◆ Exercise directions
Skip the pictures. Set down, word for word, the lines from the start of the material up to and including the line with "## Sub-sheets".

◆ Material shown
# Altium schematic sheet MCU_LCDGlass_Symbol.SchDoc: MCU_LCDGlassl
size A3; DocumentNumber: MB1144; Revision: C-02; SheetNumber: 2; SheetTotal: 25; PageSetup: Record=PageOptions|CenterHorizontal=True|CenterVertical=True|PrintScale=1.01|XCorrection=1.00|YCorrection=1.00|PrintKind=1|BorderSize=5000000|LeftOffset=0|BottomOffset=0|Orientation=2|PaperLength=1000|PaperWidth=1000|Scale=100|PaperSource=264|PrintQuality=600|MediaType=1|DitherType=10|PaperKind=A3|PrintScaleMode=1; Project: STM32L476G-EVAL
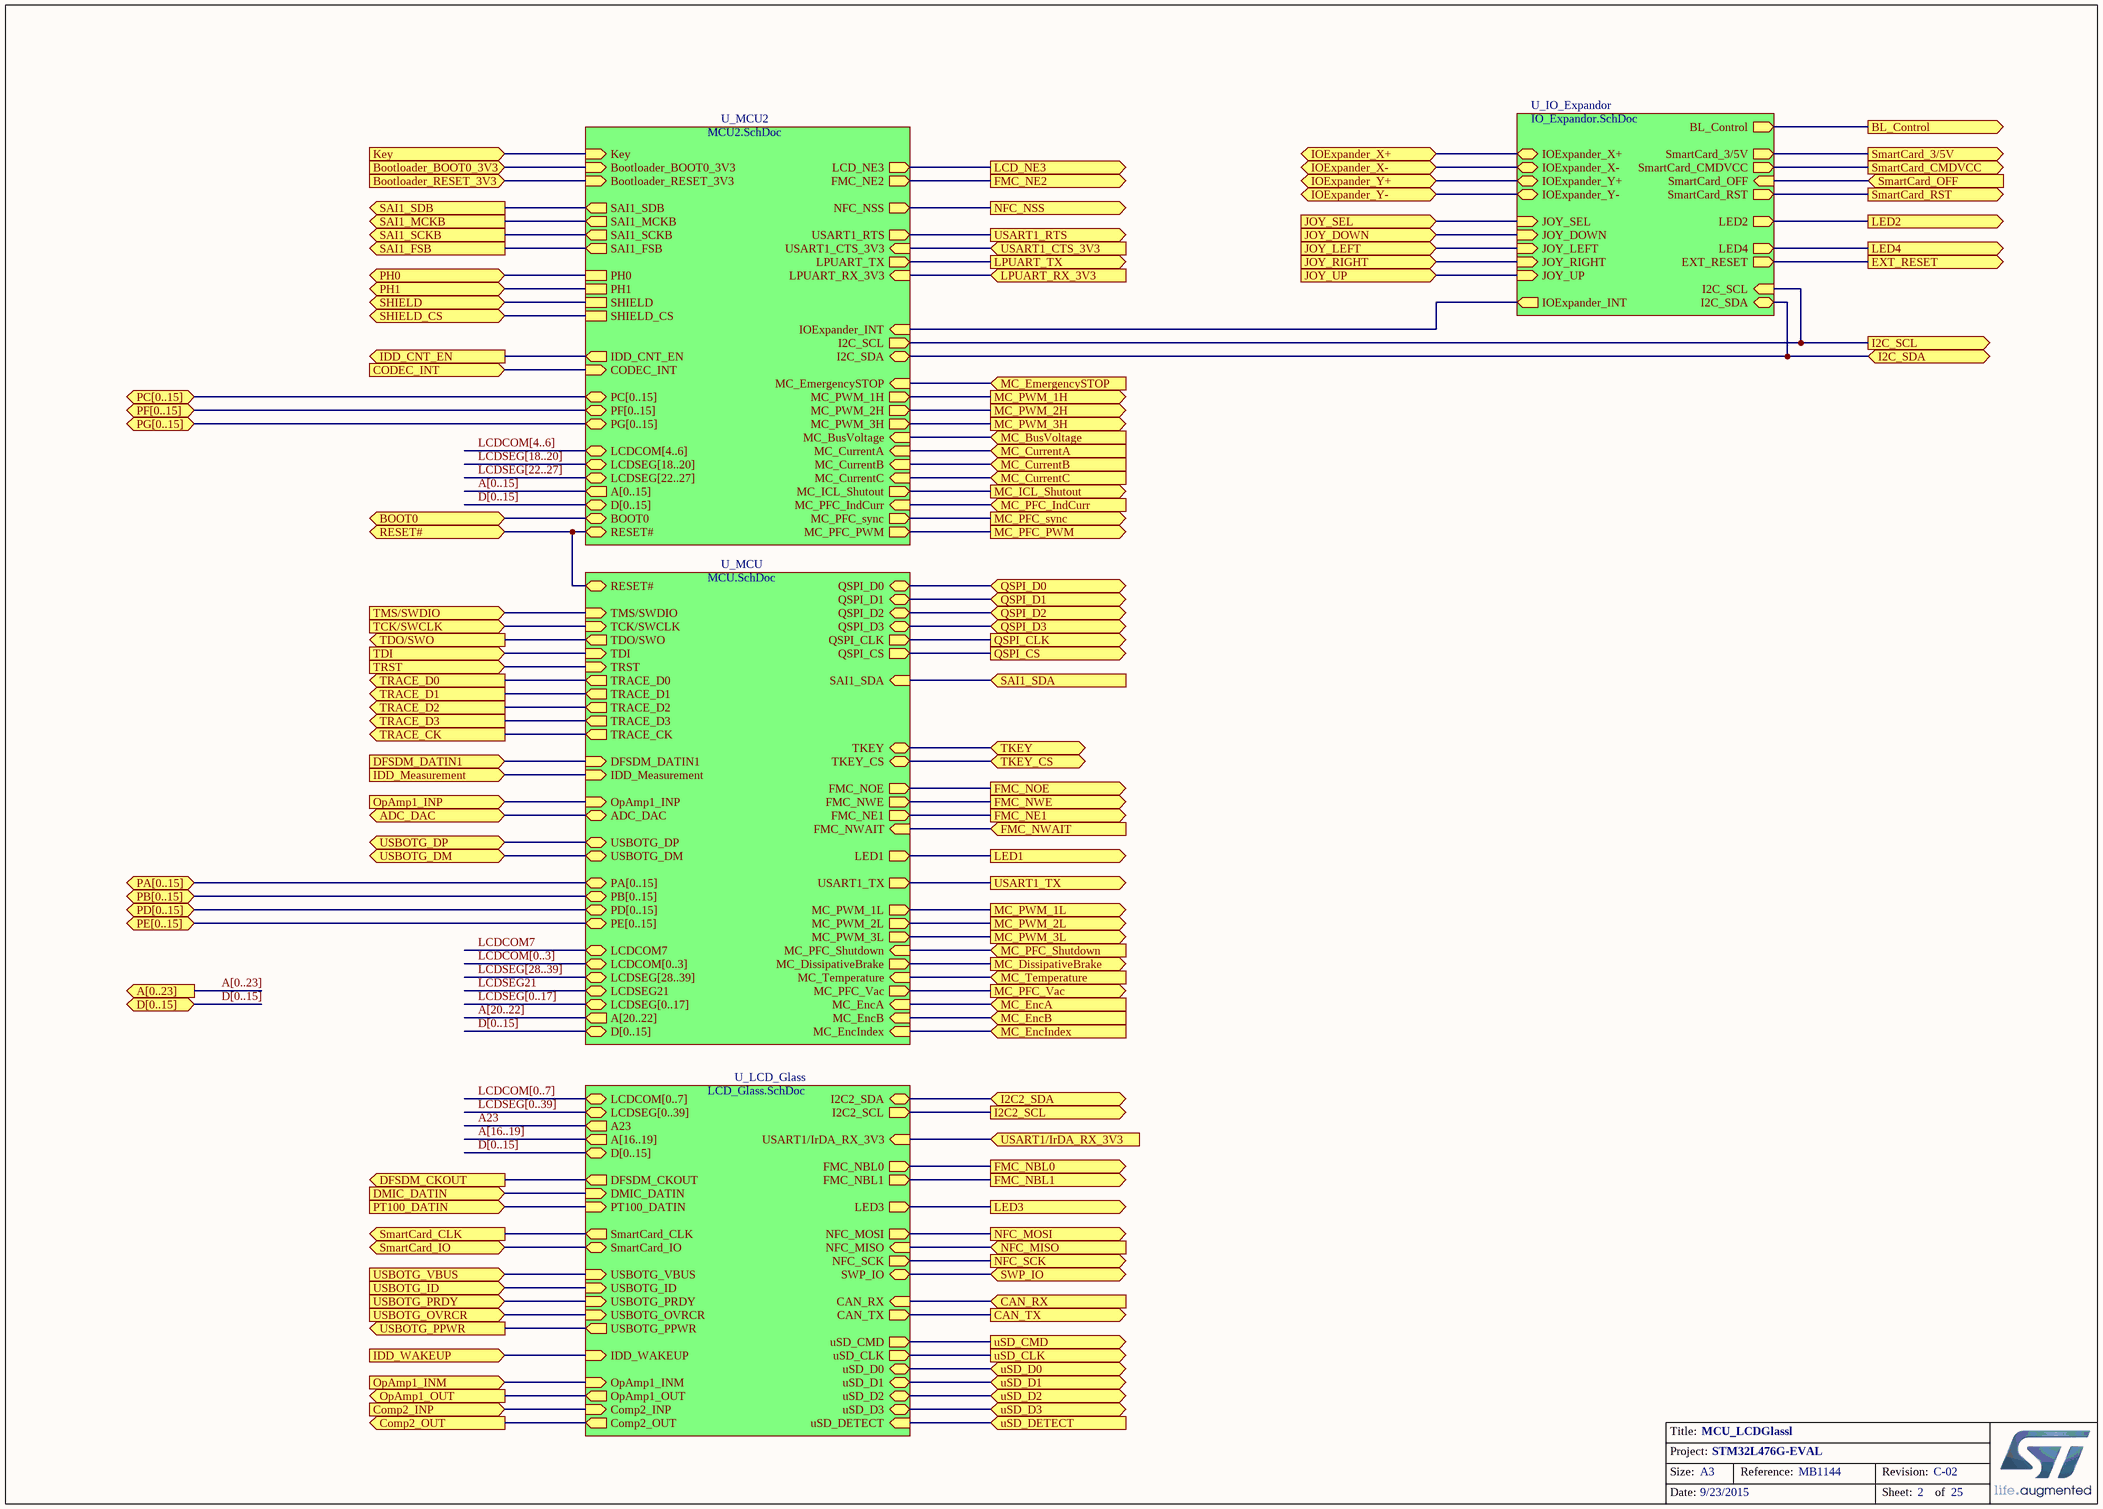
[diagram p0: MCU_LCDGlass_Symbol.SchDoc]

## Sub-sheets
U_IO_Expandor = IO_Expandor.SchDoc: IOExpander_Y+ (bidir), IOExpander_Y- (bidir), IOExpander_X+ (bidir), IOExpander_X- (bidir), IOExpander_INT (out), I2C_SDA (bidir), JOY_SEL (in), JOY_DOWN (in), JOY_LEFT (in), JOY_RIGHT (in), JOY_UP (in), LED4 (out), SmartCard_RST (out), SmartCard_CMDVCC (out), SmartCard_3/5V (out), SmartCard_OFF (in), I2C_SCL (in), LED2 (out), BL_Control (out), EXT_RESET (out)
U_LCD_Glass = LCD_Glass.SchDoc: uSD_CMD (out), uSD_CLK (out), uSD_D3 (bidir), uSD_D2 (bidir), IDD_WAKEUP (in), PT100_DATIN (in), uSD_D0 (bidir), uSD_D1 (bidir), OpAmp1_INM (in), FMC_NBL0 (out), FMC_NBL1 (out), LCDSEG[0..39] (bidir), LCDCOM[0..7] (bidir), USBOTG_VBUS (in), USBOTG_ID (in), CAN_TX (out), SWP_IO (bidir), CAN_RX (in), DMIC_DATIN (in), OpAmp1_OUT (out), Comp2_INP (in), SmartCard_CLK (out), SmartCard_IO (bidir), uSD_DETECT (in), DFSDM_CKOUT (out), D[0..15] (bidir), USBOTG_PRDY (in), USBOTG_OVRCR (in), USBOTG_PPWR (out), Comp2_OUT (out), USART1/IrDA_RX_3V3 (in), A[16..19] (out), A23 (out), NFC_MISO (in), NFC_SCK (out), NFC_MOSI (out), I2C2_SDA (bidir), I2C2_SCL (out), LED3 (out)
U_MCU = MCU.SchDoc: PA[0..15] (bidir), PB[0..15] (bidir), PD[0..15] (bidir), PE[0..15] (bidir), USBOTG_DM (bidir), USBOTG_DP (bidir), TMS/SWDIO (in), TCK/SWCLK (in), DFSDM_DATIN1 (in), FMC_NOE (out), FMC_NWE (out), FMC_NWAIT (in), FMC_NE1 (out), TRACE_D3 (out), TRACE_D1 (out), TRST (in), D[0..15] (bidir), IDD_Measurement (in), USART1_TX (out), LED1 (out), MC_DissipativeBrake (out), TRACE_D2 (out), MC_EncA (in), TDI (in), TDO/SWO (out), ADC_DAC (bidir), RESET# (bidir), QSPI_D3 (bidir), QSPI_D2 (bidir), QSPI_D1 (bidir), QSPI_D0 (bidir), QSPI_CLK (out), QSPI_CS (out), TRACE_D0 (out), TRACE_CK (out), SAI1_SDA (in), OpAmp1_INP (in), MC_PFC_Vac (out), MC_Temperature (in), MC_EncB (in), MC_EncIndex (in), TKEY, TKEY_CS, MC_PWM_1L (out), MC_PWM_2L (out), MC_PWM_3L (out), MC_PFC_Shutdown (in), A[20..22] (out), LCDCOM[0..3] (bidir), LCDCOM7, LCDSEG[0..17] (bidir), LCDSEG[28..39] (bidir), LCDSEG21 (bidir)
U_MCU2 = MCU2.SchDoc: PC[0..15] (bidir), Bootloader_BOOT0_3V3 (in), Bootloader_RESET_3V3 (in), Key (in), CODEC_INT (in), USART1_CTS_3V3 (in), FMC_NE2 (out), USART1_RTS (out), PF[0..15] (bidir), PG[0..15] (bidir), D[0..15] (bidir), MC_PFC_sync (out), IDD_CNT_EN (out), LPUART_TX (out), LPUART_RX_3V3 (in), LCD_NE3 (out), IOExpander_INT (in), I2C_SCL (out), I2C_SDA (bidir), RESET# (bidir), PH1, PH0, SHIELD, SAI1_SDB (out), SAI1_MCKB (out), SAI1_SCKB (out), SAI1_FSB (out), MC_ICL_Shutout (out), MC_PFC_PWM (out), MC_CurrentB (in), MC_CurrentC (in), MC_CurrentA (in), MC_PFC_IndCurr (in), MC_BusVoltage (in), MC_PWM_1H (out), SHIELD_CS, MC_PWM_2H (out), MC_PWM_3H (out), MC_EmergencySTOP (in), A[0..15] (out), LCDSEG[18..20] (bidir), LCDCOM[4..6] (bidir), LCDSEG[22..27] (bidir), BOOT0, NFC_NSS (out)

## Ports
A[0..23] (out), ADC_DAC (bidir), BL_Control (out), BOOT0, Bootloader_BOOT0_3V3 (in), Bootloader_RESET_3V3 (in), CAN_RX (in), CAN_TX (out), CODEC_INT (in), Comp2_INP (in), Comp2_OUT (out), D[0..15] (bidir), DFSDM_CKOUT (out), DFSDM_DATIN1 (in), DMIC_DATIN (in), EXT_RESET (out), FMC_NBL0 (out), FMC_NBL1 (out), FMC_NE1 (out), FMC_NE2 (out), FMC_NOE (out), FMC_NWAIT (in), FMC_NWE (out), I2C2_SCL (out), I2C2_SDA (bidir), I2C_SCL (out), I2C_SDA (bidir), IDD_CNT_EN (out), IDD_Measurement (in), IDD_WAKEUP (in), IOExpander_X+ (bidir), IOExpander_X- (bidir), IOExpander_Y+ (bidir), IOExpander_Y- (bidir), JOY_DOWN (in), JOY_LEFT (in), JOY_RIGHT (in), JOY_SEL (in), JOY_UP (in), Key (in), LCD_NE3 (out), LED1 (out), LED2 (out), LED3 (out), LED4 (out), LPUART_RX_3V3 (in), LPUART_TX (out), MC_BusVoltage (in), MC_CurrentA (in), MC_CurrentB (in), MC_CurrentC (in), MC_DissipativeBrake (out), MC_EmergencySTOP (in), MC_EncA (in), MC_EncB (in), MC_EncIndex (in), MC_ICL_Shutout (out), MC_PFC_IndCurr (in), MC_PFC_PWM (out), MC_PFC_Shutdown (in), MC_PFC_sync (out), MC_PFC_Vac (out), MC_PWM_1H (out), MC_PWM_1L (out), MC_PWM_2H (out), MC_PWM_2L (out), MC_PWM_3H (out), MC_PWM_3L (out), MC_Temperature (in), NFC_MISO (in), NFC_MOSI (out), NFC_NSS (out), NFC_SCK (out), OpAmp1_INM (in), OpAmp1_INP (in), OpAmp1_OUT (out), PA[0..15] (bidir), PB[0..15] (bidir), PC[0..15] (bidir), PD[0..15] (bidir), PE[0..15] (bidir), PF[0..15] (bidir), PG[0..15] (bidir), PH0, PH1, PT100_DATIN (in), QSPI_CLK (out), QSPI_CS (out), QSPI_D0 (bidir), QSPI_D1 (bidir), QSPI_D2 (bidir), QSPI_D3 (bidir), RESET# (bidir), SAI1_FSB (out), SAI1_MCKB (out), SAI1_SCKB (out), SAI1_SDA (in), SAI1_SDB (out), SHIELD, SHIELD_CS, SmartCard_3/5V (out), SmartCard_CLK (out), SmartCard_CMDVCC (out), SmartCard_IO (bidir), SmartCard_OFF (in), SmartCard_RST (out), SWP_IO (bidir), TCK/SWCLK (in), TDI (in), TDO/SWO (out), TKEY, TKEY_CS, TMS/SWDIO (in), TRACE_CK (out), TRACE_D0 (out), TRACE_D1 (out), TRACE_D2 (out), TRACE_D3 (out), TRST (in), USART1/IrDA_RX_3V3 (in), USART1_CTS_3V3 (in), USART1_RTS (out), USART1_TX (out), USBOTG_DM (bidir), USBOTG_DP (bidir), USBOTG_ID (in), USBOTG_OVRCR (in), USBOTG_PPWR (out), USBOTG_PRDY (in), USBOTG_VBUS (in), uSD_CLK (out), uSD_CMD (out), uSD_D0 (bidir), uSD_D1 (bidir), uSD_D2 (bidir), uSD_D3 (bidir), uSD_DETECT (in)

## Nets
ADC_DAC: port ADC_DAC, sheet U_MCU/ADC_DAC
BL_Control: port BL_Control, sheet U_IO_Expandor/BL_Control
BOOT0: port BOOT0, sheet U_MCU2/BOOT0
Bootloader_BOOT0_3V3: port Bootloader_BOOT0_3V3, sheet U_MCU2/Bootloader_BOOT0_3V3
Bootloader_RESET_3V3: port Bootloader_RESET_3V3, sheet U_MCU2/Bootloader_RESET_3V3
CAN_RX: port CAN_RX, sheet U_LCD_Glass/CAN_RX
CAN_TX: port CAN_TX, sheet U_LCD_Glass/CAN_TX
CODEC_INT: port CODEC_INT, sheet U_MCU2/CODEC_INT
Comp2_INP: port Comp2_INP, sheet U_LCD_Glass/Comp2_INP
Comp2_OUT: port Comp2_OUT, sheet U_LCD_Glass/Comp2_OUT
DFSDM_CKOUT: port DFSDM_CKOUT, sheet U_LCD_Glass/DFSDM_CKOUT
DFSDM_DATIN1: port DFSDM_DATIN1, sheet U_MCU/DFSDM_DATIN1
DMIC_DATIN: port DMIC_DATIN, sheet U_LCD_Glass/DMIC_DATIN
EXT_RESET: port EXT_RESET, sheet U_IO_Expandor/EXT_RESET
FMC_NBL0: port FMC_NBL0, sheet U_LCD_Glass/FMC_NBL0
FMC_NBL1: port FMC_NBL1, sheet U_LCD_Glass/FMC_NBL1
FMC_NE1: port FMC_NE1, sheet U_MCU/FMC_NE1
FMC_NE2: port FMC_NE2, sheet U_MCU2/FMC_NE2
FMC_NOE: port FMC_NOE, sheet U_MCU/FMC_NOE
FMC_NWAIT: port FMC_NWAIT, sheet U_MCU/FMC_NWAIT
FMC_NWE: port FMC_NWE, sheet U_MCU/FMC_NWE
I2C2_SCL: port I2C2_SCL, sheet U_LCD_Glass/I2C2_SCL
I2C2_SDA: port I2C2_SDA, sheet U_LCD_Glass/I2C2_SDA
I2C_SCL: port I2C_SCL, sheet U_IO_Expandor/I2C_SCL, sheet U_MCU2/I2C_SCL
I2C_SDA: port I2C_SDA, sheet U_IO_Expandor/I2C_SDA, sheet U_MCU2/I2C_SDA
IDD_CNT_EN: port IDD_CNT_EN, sheet U_MCU2/IDD_CNT_EN
IDD_Measurement: port IDD_Measurement, sheet U_MCU/IDD_Measurement
IDD_WAKEUP: port IDD_WAKEUP, sheet U_LCD_Glass/IDD_WAKEUP
IOExpander_X+: port IOExpander_X+, sheet U_IO_Expandor/IOExpander_X+
IOExpander_X-: port IOExpander_X-, sheet U_IO_Expandor/IOExpander_X-
IOExpander_Y+: port IOExpander_Y+, sheet U_IO_Expandor/IOExpander_Y+
IOExpander_Y-: port IOExpander_Y-, sheet U_IO_Expandor/IOExpander_Y-
JOY_DOWN: port JOY_DOWN, sheet U_IO_Expandor/JOY_DOWN
JOY_LEFT: port JOY_LEFT, sheet U_IO_Expandor/JOY_LEFT
JOY_RIGHT: port JOY_RIGHT, sheet U_IO_Expandor/JOY_RIGHT
JOY_SEL: port JOY_SEL, sheet U_IO_Expandor/JOY_SEL
JOY_UP: port JOY_UP, sheet U_IO_Expandor/JOY_UP
Key: port Key, sheet U_MCU2/Key
LCD_NE3: port LCD_NE3, sheet U_MCU2/LCD_NE3
LED1: port LED1, sheet U_MCU/LED1
LED2: port LED2, sheet U_IO_Expandor/LED2
LED3: port LED3, sheet U_LCD_Glass/LED3
LED4: port LED4, sheet U_IO_Expandor/LED4
LPUART_RX_3V3: port LPUART_RX_3V3, sheet U_MCU2/LPUART_RX_3V3
LPUART_TX: port LPUART_TX, sheet U_MCU2/LPUART_TX
MC_BusVoltage: port MC_BusVoltage, sheet U_MCU2/MC_BusVoltage
MC_CurrentA: port MC_CurrentA, sheet U_MCU2/MC_CurrentA
MC_CurrentB: port MC_CurrentB, sheet U_MCU2/MC_CurrentB
MC_CurrentC: port MC_CurrentC, sheet U_MCU2/MC_CurrentC
MC_DissipativeBrake: port MC_DissipativeBrake, sheet U_MCU/MC_DissipativeBrake
MC_EmergencySTOP: port MC_EmergencySTOP, sheet U_MCU2/MC_EmergencySTOP
MC_EncA: port MC_EncA, sheet U_MCU/MC_EncA
MC_EncB: port MC_EncB, sheet U_MCU/MC_EncB
MC_EncIndex: port MC_EncIndex, sheet U_MCU/MC_EncIndex
MC_ICL_Shutout: port MC_ICL_Shutout, sheet U_MCU2/MC_ICL_Shutout
MC_PFC_IndCurr: port MC_PFC_IndCurr, sheet U_MCU2/MC_PFC_IndCurr
MC_PFC_PWM: port MC_PFC_PWM, sheet U_MCU2/MC_PFC_PWM
MC_PFC_Shutdown: port MC_PFC_Shutdown, sheet U_MCU/MC_PFC_Shutdown
MC_PFC_sync: port MC_PFC_sync, sheet U_MCU2/MC_PFC_sync
MC_PFC_Vac: port MC_PFC_Vac, sheet U_MCU/MC_PFC_Vac
MC_PWM_1H: port MC_PWM_1H, sheet U_MCU2/MC_PWM_1H
MC_PWM_1L: port MC_PWM_1L, sheet U_MCU/MC_PWM_1L
MC_PWM_2H: port MC_PWM_2H, sheet U_MCU2/MC_PWM_2H
MC_PWM_2L: port MC_PWM_2L, sheet U_MCU/MC_PWM_2L
MC_PWM_3H: port MC_PWM_3H, sheet U_MCU2/MC_PWM_3H
MC_PWM_3L: port MC_PWM_3L, sheet U_MCU/MC_PWM_3L
MC_Temperature: port MC_Temperature, sheet U_MCU/MC_Temperature
NFC_MISO: port NFC_MISO, sheet U_LCD_Glass/NFC_MISO
NFC_MOSI: port NFC_MOSI, sheet U_LCD_Glass/NFC_MOSI
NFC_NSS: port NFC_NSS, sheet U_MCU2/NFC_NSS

◆ Answer space
# Altium schematic sheet MCU_LCDGlass_Symbol.SchDoc: MCU_LCDGlassl
size A3; DocumentNumber: MB1144; Revision: C-02; SheetNumber: 2; SheetTotal: 25; PageSetup: Record=PageOptions|CenterHorizontal=True|CenterVertical=True|PrintScale=1.01|XCorrection=1.00|YCorrection=1.00|PrintKind=1|BorderSize=5000000|LeftOffset=0|BottomOffset=0|Orientation=2|PaperLength=1000|PaperWidth=1000|Scale=100|PaperSource=264|PrintQuality=600|MediaType=1|DitherType=10|PaperKind=A3|PrintScaleMode=1; Project: STM32L476G-EVAL
[diagram p0: MCU_LCDGlass_Symbol.SchDoc]

## Sub-sheets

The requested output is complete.